Marie's sons were nabbed for the death of Dr Louis Heyns. She wants to support them - but she has only R10 to her name.
|||Malmesbury - “I thought I’d have a peaceful retirement. I could never dream this would happen to me.”
Marie Botha, 70, the mother of two of the men arrested in connection with the murder of Stellenbosch academic Dr Louis Heyns, says this as she rubs her arms for warmth in a cramped, bare brick room she shares with three children in Malmesbury.
Botha used to be a wealthy woman who ran her own hair salon and provided “everything and more” for her two sons and two daughters.
But her life has been reduced to a far cry from that - all she has left is some clothing and a wilted R10 in her pocket, and she is sharing a room in a friend’s home.
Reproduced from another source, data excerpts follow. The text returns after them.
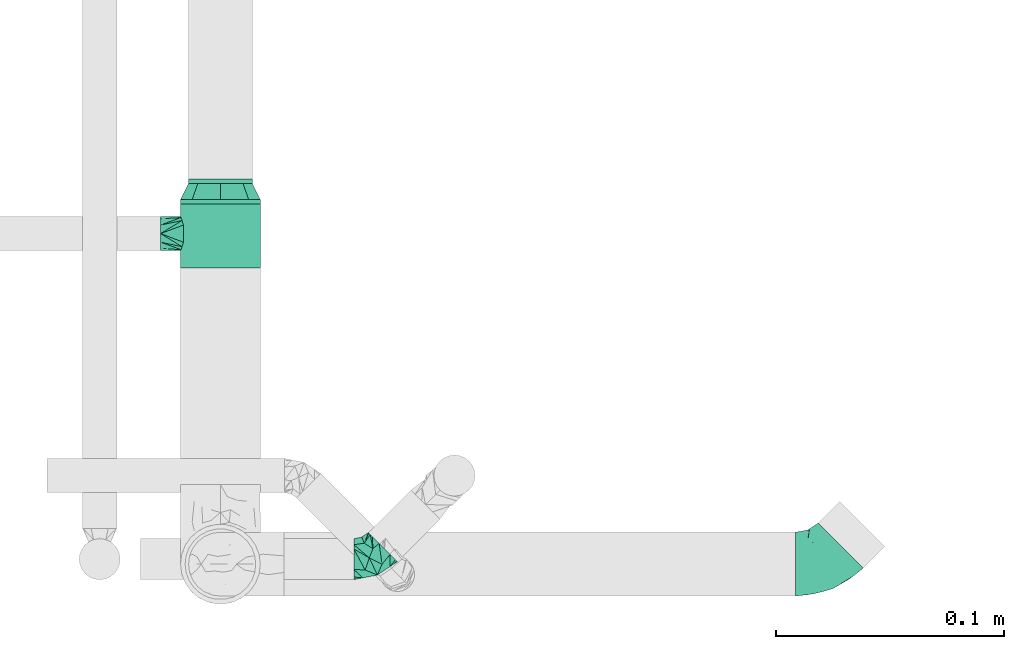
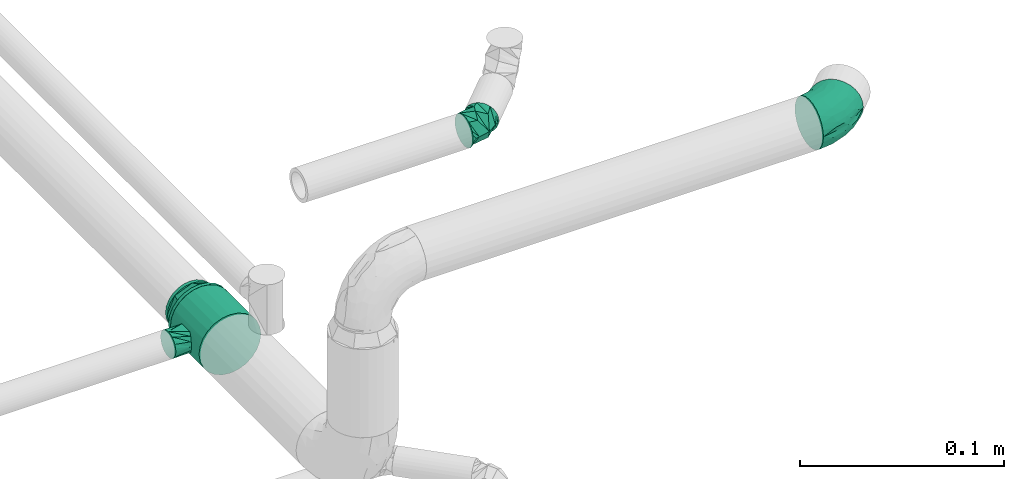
# One storey, part 31 of 35: 4 flow fittings.
"""IFC2X3 building model written with IfcOpenShell, lengths in millimetres."""

import ifcopenshell
import ifcopenshell.guid

model = None  # the IFC model being written
_history = None  # IfcOwnerHistory: only IFC2X3 demands one
_inside = {}  # id of a spatial element -> (the spatial element, [elements in it])
_under = {}  # id of a project, library or spatial element -> (it, [spatial elements below it])
_declared = {}  # id of a project -> (the project, [libraries it declares])
_typed = {}  # id of a type object -> (the type object, [elements of that type])
_made_of = {}  # id of a material, layer set ... -> (it, [elements and type objects made of it])


def new_model(schema):
    """Start an empty IFC model of exactly this schema.

    Asked for "IFC4X3", IfcOpenShell would pick the latest addendum, in which some entities
    have other attributes; the version numbers below select the first issue.
    IFC2X3 requires an IfcOwnerHistory on every rooted entity: one is made here for all.
    """
    global model, _history
    if schema == "IFC4X3":
        model = ifcopenshell.file(schema_version=(4, 3, 0, 0))
    else:
        model = ifcopenshell.file(schema=schema)
    _inside.clear()
    _under.clear()
    _declared.clear()
    _typed.clear()
    _made_of.clear()
    _history = None
    if model.schema == "IFC2X3":
        org = make("IfcOrganization", Name="unknown")
        user = make(
            "IfcPersonAndOrganization",
            ThePerson=make("IfcPerson", FamilyName="unknown"),
            TheOrganization=org,
        )
        app = make(
            "IfcApplication",
            ApplicationDeveloper=org,
            Version="unknown",
            ApplicationFullName="unknown",
            ApplicationIdentifier="unknown",
        )
        _history = make(
            "IfcOwnerHistory",
            OwningUser=user,
            OwningApplication=app,
            ChangeAction="ADDED",
            CreationDate=0,
        )
    return model


def make(cls, **values):
    """One entity of the class cls with the attributes given. An attribute that is None is left unset."""
    return model.create_entity(
        cls, **{name: value for name, value in values.items() if value is not None}
    )


def entity(cls, *values):
    """Any entity or typed value of the class cls, its attributes in the order of the schema. None: left unset."""
    e = model.create_entity(cls)
    for i, value in enumerate(values):
        if value is not None:
            e[i] = value
    return e


def rooted(cls, **values):
    """An entity with a GlobalId (a new one), such as an element, a storey or a relation."""
    return make(cls, GlobalId=ifcopenshell.guid.new(), OwnerHistory=_history, **values)


def si_unit(unit_type, name, prefix=None):
    """IfcSIUnit, for example si_unit("LENGTHUNIT", "METRE", prefix="MILLI")."""
    return make("IfcSIUnit", UnitType=unit_type, Prefix=prefix, Name=name)


def converted_unit(unit_type, name, factor, base, dimensions=None, offset=None):
    """IfcConversionBasedUnit, such as the inch: factor (a typed value) times the base unit."""
    return make(
        "IfcConversionBasedUnit"
        if offset is None
        else "IfcConversionBasedUnitWithOffset",
        ConversionOffset=offset,
        Dimensions=None
        if dimensions is None
        else entity("IfcDimensionalExponents", *dimensions),
        UnitType=unit_type,
        Name=name,
        ConversionFactor=make(
            "IfcMeasureWithUnit", ValueComponent=factor, UnitComponent=base
        ),
    )


def derived_unit(unit_type, elements):
    """IfcDerivedUnit: a product of units, each with its exponent."""
    return make(
        "IfcDerivedUnit",
        Elements=[
            make("IfcDerivedUnitElement", Unit=unit, Exponent=power)
            for unit, power in elements
        ],
        UnitType=unit_type,
    )


def assignment(units):
    """IfcUnitAssignment: the units of a project."""
    return None if units is None else make("IfcUnitAssignment", Units=units)


def point(xyz):
    """IfcCartesianPoint."""
    return None if xyz is None else make("IfcCartesianPoint", Coordinates=xyz)


def direction(xyz):
    """IfcDirection."""
    return None if xyz is None else make("IfcDirection", DirectionRatios=xyz)


def frame(location, z_axis=None, x_axis=None):
    """IfcAxis2Placement3D, a coordinate frame: its origin and axes. An axis left out is left unset."""
    return make(
        "IfcAxis2Placement3D",
        Location=point(location),
        Axis=direction(z_axis),
        RefDirection=direction(x_axis),
    )


def origin_with_axes():
    """The frame at (0, 0, 0) with the z axis (0, 0, 1) and the x axis (1, 0, 0) written out."""
    return frame((0.0, 0.0, 0.0), z_axis=(0.0, 0.0, 1.0), x_axis=(1.0, 0.0, 0.0))


def place(relative_to, where):
    """IfcLocalPlacement: puts the frame where relative to a parent placement (None: the world)."""
    return make(
        "IfcLocalPlacement", PlacementRelTo=relative_to, RelativePlacement=where
    )


def context(
    kind, dimensions, precision=None, world=None, true_north=None, identifier=None
):
    """IfcGeometricRepresentationContext, for example the 3D "Model" context."""
    return make(
        "IfcGeometricRepresentationContext",
        ContextIdentifier=identifier,
        ContextType=kind,
        CoordinateSpaceDimension=dimensions,
        Precision=precision,
        WorldCoordinateSystem=world,
        TrueNorth=true_north,
    )


def subcontext(parent, identifier, kind, view, scale=None):
    """IfcGeometricRepresentationSubContext, for example "Body" below "Model"."""
    return make(
        "IfcGeometricRepresentationSubContext",
        ContextIdentifier=identifier,
        ContextType=kind,
        ParentContext=parent,
        TargetScale=scale,
        TargetView=view,
    )


def project(units=None, contexts=None):
    """IfcProject with its units and contexts."""
    return rooted(
        "IfcProject",
        Name="project",
        RepresentationContexts=contexts,
        UnitsInContext=assignment(units),
    )


def spatial(cls, under=None, at=None, **own):
    """A site, building, storey or space (cls), placed at a placement, below another one or the project."""
    s = rooted(cls, ObjectPlacement=at, **own)
    if under is not None:
        _under.setdefault(under.id(), (under, []))[1].append(s)
    return s


def faces_of(points, faces, orient=None, outer=None):
    """IfcFace entities. A face is a list of loops; a loop is a list of indices into points, from 0.

    orient and outer hold one flag for each loop. By default every Orientation is true, the
    first loop of a face is its IfcFaceOuterBound and the others are IfcFaceBound.
    """
    made = []
    for i, loops in enumerate(faces):
        bounds = []
        for j, loop in enumerate(loops):
            is_outer = j == 0 if outer is None else outer[i][j]
            bounds.append(
                make(
                    "IfcFaceOuterBound" if is_outer else "IfcFaceBound",
                    Bound=make("IfcPolyLoop", Polygon=[points[k] for k in loop]),
                    Orientation=True if orient is None else orient[i][j],
                )
            )
        made.append(make("IfcFace", Bounds=bounds))
    return made


def open_shell(faces, orient=None, outer=None):
    """The faces of one IfcOpenShell. surface_model builds it on its shared points."""
    return ("IfcOpenShell", faces, orient, outer)


def surface_model(cls, points, shells):
    """IfcFaceBasedSurfaceModel or IfcShellBasedSurfaceModel (cls): surfaces that need not close."""
    shared = [point(p) for p in points]
    made = [make(c, CfsFaces=faces_of(shared, fs, o, b)) for c, fs, o, b in shells]
    if cls == "IfcFaceBasedSurfaceModel":
        return make(cls, FbsmFaces=made)
    return make(cls, SbsmBoundary=made)


def shape(context_of_items, identifier, shape_type, items):
    """IfcShapeRepresentation: the items that make up one representation, for example the "Body"."""
    return make(
        "IfcShapeRepresentation",
        ContextOfItems=context_of_items,
        RepresentationIdentifier=identifier,
        RepresentationType=shape_type,
        Items=items,
    )


def source(mapping_origin, context_of_items, identifier, shape_type, items):
    """IfcRepresentationMap: a shape defined once, which mapped items show again and again."""
    return make(
        "IfcRepresentationMap",
        MappingOrigin=mapping_origin,
        MappedRepresentation=shape(context_of_items, identifier, shape_type, items),
    )


def transform(
    local_origin,
    x_axis=None,
    y_axis=None,
    z_axis=None,
    scale=None,
    scale2=None,
    scale3=None,
    uniform=True,
):
    """IfcCartesianTransformationOperator3D, or its non-uniform kind. x_axis, y_axis, z_axis: its Axis1, 2, 3."""
    if uniform:
        return make(
            "IfcCartesianTransformationOperator3D",
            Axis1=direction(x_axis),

Botha’s sons, aged 33 and 43, and a third person are to appear in the Somerset West Magistrate’s Court on Monday.
They are suspected of killing Heyns, who disappeared a week before his body was found in a shallow grave in Strand on Thursday.
Police traced the Peugeot that Heyns had been driving to Malmesbury, where they arrested the three suspects.
Speaking in the cramped room, which had just enough space for the double bunk in it, Botha said she wanted to be at the court on Monday, but did not have a lift. She has few possessions other than clothing and toiletries.
To get to and from the room she has to climb a steep, muddy embankment and use a wire washing line to balance herself.
Botha initially lived in Upington with her husband, two sons and two daughters.
Her husband’s work then took the family to Nigel, where they lived for years.
“We had a lot of money. My husband’s brother is a multimillionaire. In Nigel I had my own things, my own furniture - and look now,” Botha said.
About a decade ago, when her husband fell ill with emphysema, her family moved to Gordon’s Bay.
Her husband died a while after the move.
Botha’s home situation began to deteriorate as the abuse of drugs, especially tik, became a problem in her family.
The drug abuse led to theft.
“I’d wake up and the TV would be gone. Once I woke up and my car was gone,” Botha said.
“I had two hair salons, one in Upington and another in Durbanville. I made a lot of money... It was all stolen from me.”
Botha and her sons, one of whom she said was often in prison for theft, moved to Malmesbury, where they initially stayed in a shelter.
Friends later took them in.
One of her daughters remained in Nigel. Botha said this daughter wanted nothing more to do with the family.
Botha’s other daughter was ill and lived in Strand.
“I’m in a terrible situation... I’m sitting with R10 in my pocket,” Botha said.
“I used to have so much. I’ve always been a good mother. My children always had everything they needed and more.
“If I had known this would happen, I would never have come here.”
Early on Thursday police officers arrived to arrest her sons.
Botha, still half-asleep, did not know what was going on and only realised why they had been arrested when she read newspapers the next day.
She felt “very sorry” for Heyns’s family.
Hendrika Hendricks, 39, seven months pregnant with the child of one of Botha’s sons, said on Sunday she was shocked by the arrests.
She lives in a shelter.
Hendricks said that she would not focus on the court proceedings.
“I’m just going to focus on myself, my health and that of my child.”